/---
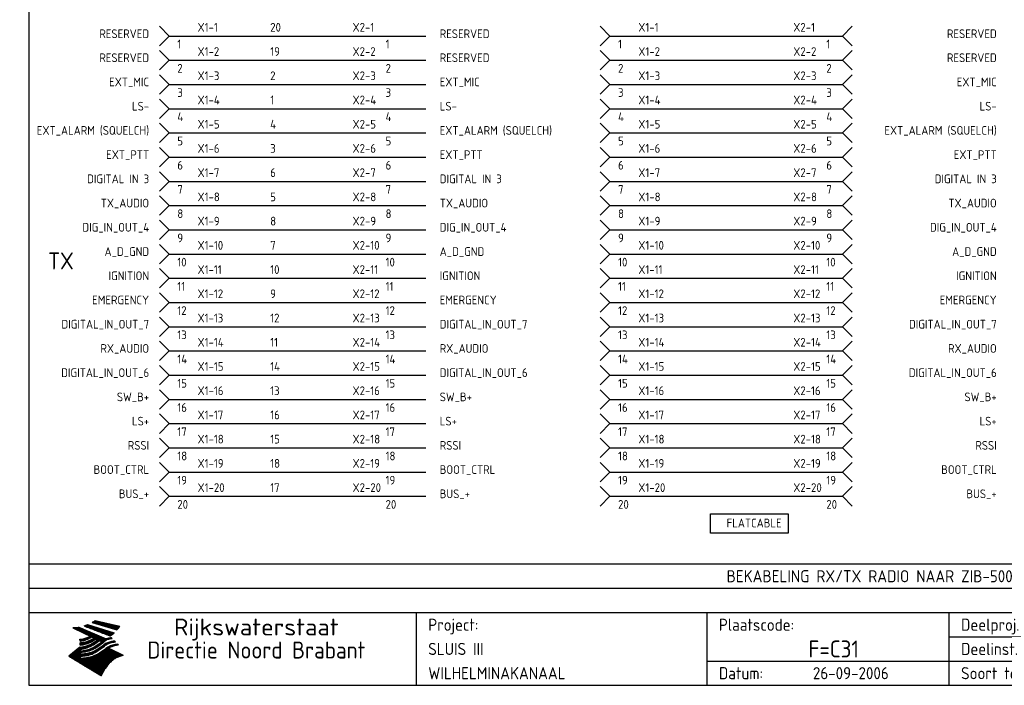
# Model space of a CAD drawing. Extents: x 8 to 1602, y 10 to 1124.
# Tile 1 of 3: x 8 to 211, y 10 to 147. Entities that reach past the tile are written whole.
import ezdxf
from ezdxf.enums import TextEntityAlignment as Align

# ---------------------------------------------------------------- set-up
doc = ezdxf.new("R2010")
doc.units = 0
doc.header["$MEASUREMENT"] = 0
doc.header["$PDMODE"] = 1
for name, color, linetype in [('0-25', 7, 'CONTINUOUS'), ('0-35', 2, 'CONTINUOUS'), ('0-50', 3, 'CONTINUOUS'), ('B-25', 7, 'CONTINUOUS'), ('B-35', 2, 'CONTINUOUS'), ('S-25', 7, 'CONTINUOUS')]:
    doc.layers.add(name, color=color, linetype=linetype)
doc.styles.add('ISO', font='iso.shx')
doc.styles.get("Standard").update_dxf_attribs({"font": 'iso.shx'})

# ---------------------------------------------------------------- blocks, each defined once
blk = doc.blocks.new('KADERA3')
at = {"layer": '0-25'}
for p, q in [((410, 35), (10, 35)), ((410, 30), (10, 30)), ((200, 20), (275, 20)), ((150, 15), (335, 15))]:
    blk.add_line(p, q, dxfattribs=at)
at = {"layer": '0-25', "color": 7}
for p, q in [((21.8, 22.37), (22.71, 22.37)), ((21.94, 22.42), (22.53, 22.42)), ((22.06, 22.48), (22.36, 22.48)), ((22.18, 22.53), (27.65, 20.8)), ((22.18, 22.53), (27.65, 20.8)), ((23.14, 22.99), (28.22, 21.46)), ((23.14, 22.99), (28.22, 21.46)), ((23.15, 22.98), (25.33, 22.98)), ((23.23, 23.04), (25.09, 23.04)), ((23.32, 23.1), (24.84, 23.1)), ((23.34, 22.93), (25.57, 22.93)), ((23.4, 23.15), (24.6, 23.15)), ((23.49, 23.21), (24.36, 23.21)), ((23.52, 22.87), (25.81, 22.87)), ((23.57, 23.27), (24.12, 23.27)), ((23.64, 23.32), (23.87, 23.32)), ((23.7, 23.36), (28.82, 22.17)), ((23.7, 23.36), (28.82, 22.17)), ((23.71, 22.82), (26.06, 22.82)), ((23.9, 22.76), (26.3, 22.76)), ((24.09, 22.7), (26.54, 22.7)), ((24.27, 22.65), (26.78, 22.65)), ((24.46, 22.59), (27.03, 22.59)), ((24.65, 22.53), (27.27, 22.53)), ((24.84, 22.48), (27.51, 22.48)), ((25.02, 22.42), (27.75, 22.42)), ((25.21, 22.37), (28, 22.37)), ((19.1, 21.89), (25.12, 19)), ((19.1, 21.89), (25.12, 19)), ((19.17, 21.86), (20.7, 21.86)), ((19.29, 21.8), (20.83, 21.8)), ((19.4, 21.75), (20.96, 21.75)), ((19.52, 21.69), (21.09, 21.69)), ((19.64, 21.63), (21.22, 21.63)), ((19.74, 21.92), (20.56, 21.92)), ((19.75, 21.58), (21.36, 21.58)), ((19.87, 21.52), (21.49, 21.52)), ((19.99, 21.47), (21.62, 21.47)), ((20.11, 21.41), (21.75, 21.41)), ((20.22, 21.35), (21.88, 21.35)), ((20.25, 21.97), (20.43, 21.97)), ((20.34, 21.3), (22.02, 21.3)), ((20.38, 21.99), (26.02, 19.59)), ((20.38, 21.99), (26.02, 19.59)), ((20.46, 21.24), (22.15, 21.24)), ((20.57, 21.18), (22.28, 21.18)), ((20.69, 21.13), (22.41, 21.13)), ((20.81, 21.07), (22.55, 21.07)), ((20.92, 21.02), (22.68, 21.02)), ((21.04, 20.96), (22.81, 20.96)), ((21.16, 20.9), (22.94, 20.9)), ((21.27, 20.85), (23.07, 20.85)), ((21.39, 20.79), (23.21, 20.79)), ((21.47, 22.25), (26.83, 20.19)), ((21.47, 22.25), (26.83, 20.19)), ((21.49, 22.25), (23.07, 22.25)), ((21.51, 20.73), (23.34, 20.73)), ((21.6, 22.2), (23.25, 22.2)), ((21.63, 20.68), (23.47, 20.68)), ((21.65, 22.31), (22.89, 22.31)), ((21.74, 20.62), (23.6, 20.62)), ((21.75, 22.14), (23.42, 22.14)), ((21.86, 20.57), (23.73, 20.57)), ((21.9, 22.08), (23.6, 22.08)), ((21.98, 20.51), (23.87, 20.51)), ((22.04, 22.03), (23.78, 22.03)), ((22.09, 20.45), (24, 20.45)), ((22.19, 21.97), (23.96, 21.97)), ((22.21, 20.4), (24.13, 20.4)), ((22.33, 20.34), (24.26, 20.34)), ((22.34, 21.92), (24.13, 21.92)), ((22.48, 21.86), (24.31, 21.86)), ((22.63, 21.8), (24.49, 21.8)), ((22.78, 21.75), (24.67, 21.75)), ((22.92, 21.69), (24.85, 21.69)), ((23.07, 21.63), (25.02, 21.63)), ((23.22, 21.58), (25.2, 21.58)), ((23.36, 21.52), (25.38, 21.52)), ((23.51, 21.47), (25.56, 21.47)), ((23.66, 21.41), (25.74, 21.41)), ((23.8, 21.35), (25.91, 21.35)), ((23.95, 21.3), (26.09, 21.3)), ((24.09, 21.24), (26.27, 21.24)), ((24.24, 21.18), (26.45, 21.18)), ((24.39, 21.13), (26.62, 21.13)), ((24.53, 21.07), (26.8, 21.07)), ((24.68, 21.02), (26.98, 21.02)), ((24.83, 20.96), (27.16, 20.96)), ((24.97, 20.9), (27.34, 20.9)), ((25.12, 20.85), (27.51, 20.85)), ((25.27, 20.79), (27.63, 20.79)), ((25.4, 22.31), (28.24, 22.31)), ((25.41, 20.73), (27.57, 20.73)), ((25.56, 20.68), (27.51, 20.68)), ((25.58, 22.25), (28.48, 22.25)), ((25.71, 20.62), (27.44, 20.62)), ((25.77, 22.2), (28.72, 22.2)), ((25.85, 20.57), (27.37, 20.57)), ((25.96, 22.14), (28.79, 22.14)), ((26, 20.51), (27.29, 20.51)), ((26.15, 22.08), (28.75, 22.08)), ((26.15, 20.45), (27.22, 20.45)), ((26.29, 20.4), (27.14, 20.4)), ((26.33, 22.03), (28.71, 22.03)), ((26.44, 20.34), (27.06, 20.34)), ((26.52, 21.97), (28.66, 21.97)), ((26.71, 21.92), (28.62, 21.92)), ((26.9, 21.86), (28.57, 21.86)), ((27.08, 21.8), (28.52, 21.8)), ((27.27, 21.75), (28.48, 21.75)), ((27.46, 21.69), (28.43, 21.69)), ((27.65, 21.63), (28.38, 21.63)), ((27.83, 21.58), (28.33, 21.58)), ((28.02, 21.52), (28.28, 21.52)), ((28.21, 21.47), (28.22, 21.47)), ((20.6, 19.11), (20.58, 19.51)), ((20.6, 19.11), (20.58, 19.51)), ((20.58, 19.5), (22.09, 19.5)), ((20.58, 19.44), (21.95, 19.44)), ((20.59, 19.38), (21.79, 19.38)), ((20.59, 19.33), (21.62, 19.33)), ((20.59, 19.27), (21.42, 19.27)), ((20.6, 19.22), (21.2, 19.22)), ((20.6, 19.16), (20.93, 19.16)), ((20.6, 19.11), (20.69, 19.12)), ((20.6, 19.11), (20.69, 19.12)), ((20.6, 18.79), (20.77, 18.81)), ((20.6, 18.79), (20.77, 18.81)), ((20.6, 18.29), (20.6, 18.79)), ((20.6, 18.29), (20.6, 18.79)), ((20.6, 18.77), (22.46, 18.77)), ((20.6, 18.71), (22.33, 18.71)), ((20.6, 18.65), (22.19, 18.65)), ((20.6, 18.6), (22.04, 18.6)), ((20.6, 18.54), (21.87, 18.54)), ((20.6, 18.48), (21.68, 18.48)), ((20.6, 18.43), (21.46, 18.43)), ((20.6, 18.37), (21.21, 18.37)), ((20.6, 18.32), (20.87, 18.32)), ((20.6, 18.29), (20.88, 18.32)), ((20.6, 18.29), (20.88, 18.32)), ((20.9, 19.55), (22.23, 19.55)), ((20.9, 18.82), (22.59, 18.82)), ((21.19, 19.61), (22.35, 19.61)), ((21.32, 18.88), (22.71, 18.88)), ((21.42, 19.67), (22.47, 19.67)), ((21.61, 18.93), (22.82, 18.93)), ((21.62, 19.72), (22.59, 19.72)), ((21.8, 19.78), (22.69, 19.78)), ((21.84, 18.99), (22.92, 18.99)), ((21.96, 19.83), (22.79, 19.83)), ((22.03, 19.05), (23.03, 19.05)), ((22.11, 19.89), (22.89, 19.89)), ((22.21, 19.1), (23.12, 19.1)), ((22.24, 19.95), (22.99, 19.95)), ((22.36, 19.16), (23.22, 19.16)), ((22.37, 20), (23.08, 20)), ((22.44, 20.28), (24.4, 20.28)), ((22.45, 18.32), (23.24, 18.32)), ((22.49, 20.06), (23.04, 20.06)), ((22.51, 19.22), (23.3, 19.22)), ((22.56, 20.23), (24.53, 20.23)), ((22.59, 18.37), (23.33, 18.37)), ((22.61, 20.12), (22.93, 20.12)), ((22.64, 19.27), (23.39, 19.27)), ((22.68, 20.17), (24.66, 20.17)), ((22.71, 20.17), (22.82, 20.17)), ((22.71, 18.43), (23.42, 18.43)), ((23.11, 20.02), (22.77, 20.2)), ((23.11, 20.02), (22.77, 20.2)), ((22.77, 19.33), (23.47, 19.33)), ((22.79, 20.12), (24.79, 20.12)), ((22.83, 18.48), (23.5, 18.48)), ((22.89, 19.38), (23.55, 19.38)), ((22.91, 20.06), (24.92, 20.06)), ((22.94, 18.54), (23.58, 18.54)), ((23, 19.44), (23.63, 19.44)), ((23.03, 20), (25.06, 20)), ((23.04, 18.6), (23.66, 18.6)), ((23.1, 19.5), (23.72, 19.5)), ((23.14, 18.65), (23.74, 18.65)), ((23.15, 19.95), (25.19, 19.95)), ((23.21, 19.55), (23.8, 19.55)), ((23.24, 18.71), (23.82, 18.71)), ((23.26, 19.89), (25.32, 19.89)), ((23.3, 19.61), (23.88, 19.61)), ((23.33, 18.77), (23.91, 18.77)), ((23.38, 19.83), (25.45, 19.83)), ((23.39, 19.67), (23.81, 19.67)), ((23.42, 18.82), (23.99, 18.82)), ((23.45, 19.7), (23.58, 19.79)), ((23.45, 19.7), (23.58, 19.79)), ((23.48, 19.72), (23.7, 19.72)), ((23.5, 19.78), (25.58, 19.78)), ((23.51, 18.88), (24.07, 18.88)), ((23.54, 18.9), (24.3, 19.42)), ((23.54, 18.9), (24.3, 19.42)), ((23.56, 19.78), (23.59, 19.78)), ((23.56, 19.39), (23.9, 19.62)), ((23.56, 19.39), (23.9, 19.62)), ((23.58, 19.79), (23.9, 19.62)), ((23.58, 19.79), (23.9, 19.62)), ((23.59, 18.93), (24.15, 18.93)), ((23.61, 19.72), (25.72, 19.72)), ((23.65, 18.59), (24.62, 19.25)), ((23.65, 18.59), (24.62, 19.25)), ((23.67, 18.99), (24.23, 18.99)), ((23.73, 19.67), (25.85, 19.67)), ((23.75, 19.05), (24.32, 19.05)), ((23.83, 19.1), (24.4, 19.1)), ((23.85, 19.61), (25.98, 19.61)), ((23.92, 19.16), (24.48, 19.16)), ((23.94, 18.19), (25.23, 19.07)), ((23.94, 18.19), (25.23, 19.07)), ((23.96, 19.55), (25.96, 19.55)), ((24, 19.22), (24.56, 19.22)), ((24.06, 17.88), (25.34, 18.76)), ((24.06, 17.88), (25.34, 18.76)), ((24.08, 19.5), (25.88, 19.5)), ((24.08, 19.27), (24.58, 19.27)), ((24.13, 18.32), (24.69, 18.32)), ((24.16, 19.33), (24.47, 19.33)), ((24.2, 19.44), (25.79, 19.44)), ((24.21, 18.37), (24.77, 18.37)), ((24.24, 17.48), (25.52, 18.36)), ((24.24, 17.48), (25.52, 18.36)), ((24.25, 19.38), (24.36, 19.38)), ((24.29, 18.43), (24.85, 18.43)), ((24.3, 19.42), (24.62, 19.25)), ((24.3, 19.42), (24.62, 19.25)), ((24.31, 19.38), (25.71, 19.38)), ((24.37, 18.48), (24.94, 18.48)), ((24.43, 19.33), (25.62, 19.33)), ((24.45, 18.54), (25.02, 18.54)), ((24.54, 18.6), (25.1, 18.6)), ((24.55, 19.27), (25.54, 19.27)), ((24.62, 18.65), (25.18, 18.65)), ((24.67, 19.22), (25.45, 19.22)), ((24.7, 18.71), (25.27, 18.71)), ((24.78, 19.16), (25.37, 19.16)), ((24.78, 18.77), (25.34, 18.77)), ((24.87, 18.82), (25.4, 18.82)), ((24.9, 19.1), (25.28, 19.1)), ((24.95, 18.88), (25.45, 18.88)), ((25.02, 19.05), (25.2, 19.05)), ((25.03, 18.93), (25.51, 18.93)), ((25.11, 18.99), (25.57, 18.99)), ((26.02, 19.59), (25.12, 19)), ((26.02, 19.59), (25.12, 19)), ((25.19, 19.05), (25.63, 19.05)), ((25.26, 19.1), (25.7, 19.1)), ((25.33, 19.16), (25.77, 19.16)), ((25.39, 19.22), (25.85, 19.22)), ((25.46, 18.32), (25.97, 18.32)), ((25.47, 19.27), (25.93, 19.27)), ((25.54, 19.33), (26.03, 19.33)), ((25.54, 18.37), (26.06, 18.37)), ((25.62, 18.43), (26.14, 18.43)), ((25.63, 19.38), (26.13, 19.38)), ((25.7, 18.48), (26.24, 18.48)), ((25.72, 19.44), (26.24, 19.44)), ((25.79, 18.54), (26.34, 18.54)), ((25.82, 19.5), (26.36, 19.5)), ((25.89, 18.6), (26.46, 18.6)), ((25.93, 19.55), (26.53, 19.55)), ((25.99, 18.65), (26.58, 18.65)), ((26.06, 19.61), (26.85, 19.61)), ((26.1, 18.71), (26.72, 18.71)), ((26.21, 19.67), (27.23, 19.67)), ((26.23, 18.77), (26.89, 18.77)), ((26.37, 18.82), (27.09, 18.82)), ((26.44, 19.72), (27.18, 19.72)), ((26.53, 18.88), (27.34, 18.88)), ((26.59, 20.28), (26.97, 20.28)), ((26.73, 20.23), (26.89, 20.23)), ((26.73, 18.93), (27.66, 18.93)), ((26.99, 18.99), (27.9, 18.99)), ((27.13, 19.78), (27.25, 19.64)), ((27.13, 19.78), (27.25, 19.64)), ((27.26, 19.05), (27.84, 19.05)), ((27.39, 18.32), (28.47, 18.32)), ((27.7, 18.37), (28.49, 18.37)), ((27.78, 19.1), (27.93, 18.96)), ((27.78, 19.1), (27.93, 18.96)), ((28, 18.43), (28.44, 18.43)), ((28.39, 18.48), (28.54, 18.32)), ((28.39, 18.48), (28.54, 18.32)), ((20.58, 17.88), (18.3, 16)), ((20.58, 17.88), (18.3, 16)), ((18.65, 16.29), (22.58, 16.29)), ((18.72, 16.35), (22.75, 16.35)), ((18.79, 16.4), (22.91, 16.4)), ((18.86, 16.46), (20.6, 16.46)), ((18.93, 16.52), (20.6, 16.52)), ((18.99, 16.57), (20.6, 16.57)), ((19.06, 16.63), (20.6, 16.63)), ((19.13, 16.68), (20.6, 16.68)), ((19.2, 16.74), (20.6, 16.74)), ((19.27, 16.8), (20.6, 16.8)), ((19.33, 16.85), (21.07, 16.85)), ((19.4, 16.91), (21.55, 16.91)), ((19.47, 16.97), (21.88, 16.97)), ((19.54, 17.02), (22.13, 17.02)), ((19.61, 17.08), (22.34, 17.08)), ((19.67, 17.13), (20.6, 17.13)), ((19.74, 17.19), (20.6, 17.19)), ((19.81, 17.25), (20.6, 17.25)), ((19.88, 17.3), (20.6, 17.3)), ((19.95, 17.36), (20.6, 17.36)), ((20.01, 17.42), (20.6, 17.42)), ((20.08, 17.47), (20.93, 17.47)), ((20.15, 17.53), (21.26, 17.53)), ((20.22, 17.58), (21.51, 17.58)), ((20.29, 17.64), (21.72, 17.64)), ((20.35, 17.7), (21.9, 17.7)), ((20.42, 17.75), (22.07, 17.75)), ((20.49, 17.81), (22.22, 17.81)), ((20.56, 17.87), (22.36, 17.87)), ((20.6, 17.88), (20.86, 17.91)), ((20.6, 17.88), (20.86, 17.91)), ((20.6, 17.43), (20.97, 17.48)), ((20.6, 17.43), (20.97, 17.48)), ((20.6, 17.43), (20.6, 17.09)), ((20.6, 17.43), (20.6, 17.09)), ((20.6, 17.09), (21.26, 17.16)), ((20.6, 17.09), (21.26, 17.16)), ((20.6, 16.8), (21.37, 16.89)), ((20.6, 16.8), (21.37, 16.89)), ((20.6, 16.8), (20.6, 16.45)), ((20.6, 16.8), (20.6, 16.45)), ((20.6, 16.45), (21.56, 16.56)), ((20.6, 16.45), (21.56, 16.56)), ((20.7, 16.46), (23.06, 16.46)), ((20.98, 17.92), (22.5, 17.92)), ((21.02, 17.13), (22.53, 17.13)), ((21.2, 16.52), (23.2, 16.52)), ((21.32, 17.98), (22.62, 17.98)), ((21.47, 17.19), (22.7, 17.19)), ((21.59, 18.03), (22.74, 18.03)), ((21.72, 16.57), (23.32, 16.57)), ((21.77, 17.25), (22.85, 17.25)), ((21.8, 18.09), (22.85, 18.09)), ((21.99, 18.15), (22.95, 18.15)), ((22.01, 17.3), (22.99, 17.3)), ((22.1, 16.63), (23.44, 16.63)), ((22.16, 18.2), (23.05, 18.2)), ((22.21, 17.36), (23.12, 17.36)), ((22.31, 18.26), (23.15, 18.26)), ((22.38, 16.68), (23.56, 16.68)), ((22.39, 17.42), (23.24, 17.42)), ((22.56, 17.47), (23.36, 17.47)), ((22.6, 16.74), (23.66, 16.74)), ((22.71, 17.53), (23.47, 17.53)), ((22.79, 16.8), (23.77, 16.8)), ((22.84, 17.58), (23.57, 17.58)), ((22.96, 16.85), (23.86, 16.85)), ((22.97, 17.64), (23.67, 17.64)), ((23.1, 17.7), (23.77, 17.7)), ((23.12, 16.91), (23.96, 16.91)), ((23.21, 17.75), (23.86, 17.75)), ((23.26, 16.97), (24.05, 16.97)), ((23.32, 17.81), (23.95, 17.81)), ((23.39, 17.02), (24.14, 17.02)), ((23.42, 17.87), (24.03, 17.87)), ((23.52, 17.92), (24.11, 17.92)), ((23.52, 17.08), (24.22, 17.08)), ((23.62, 17.98), (24.2, 17.98)), ((23.63, 17.13), (24.3, 17.13)), ((23.71, 18.03), (24.28, 18.03)), ((23.75, 17.19), (24.38, 17.19)), ((23.79, 18.09), (24.36, 18.09)), ((23.85, 17.25), (24.46, 17.25)), ((23.88, 18.15), (24.44, 18.15)), ((23.89, 16.29), (29.36, 16.29)), ((23.95, 17.3), (24.55, 17.3)), ((23.96, 18.2), (24.53, 18.2)), ((24, 16.35), (29.24, 16.35)), ((24.04, 18.26), (24.61, 18.26)), ((24.05, 17.36), (24.63, 17.36)), ((24.11, 16.4), (29.13, 16.4)), ((24.14, 17.42), (24.71, 17.42)), ((24.21, 16.46), (29.02, 16.46)), ((24.23, 17.47), (24.79, 17.47)), ((24.31, 17.53), (24.87, 17.53)), ((24.31, 16.52), (28.91, 16.52)), ((24.35, 17.17), (25.64, 18.05)), ((24.35, 17.17), (25.64, 18.05)), ((24.39, 17.58), (24.96, 17.58)), ((24.4, 16.57), (28.79, 16.57)), ((24.47, 17.64), (25.04, 17.64)), ((24.49, 16.63), (28.68, 16.63)), ((24.56, 17.7), (25.12, 17.7)), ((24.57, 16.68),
\---
Task statement: Check the listing above for lines containing the string "ezdxf", and copy each one.

Final answer:
import ezdxf
from ezdxf.enums import TextEntityAlignment as Align
doc = ezdxf.new("R2010")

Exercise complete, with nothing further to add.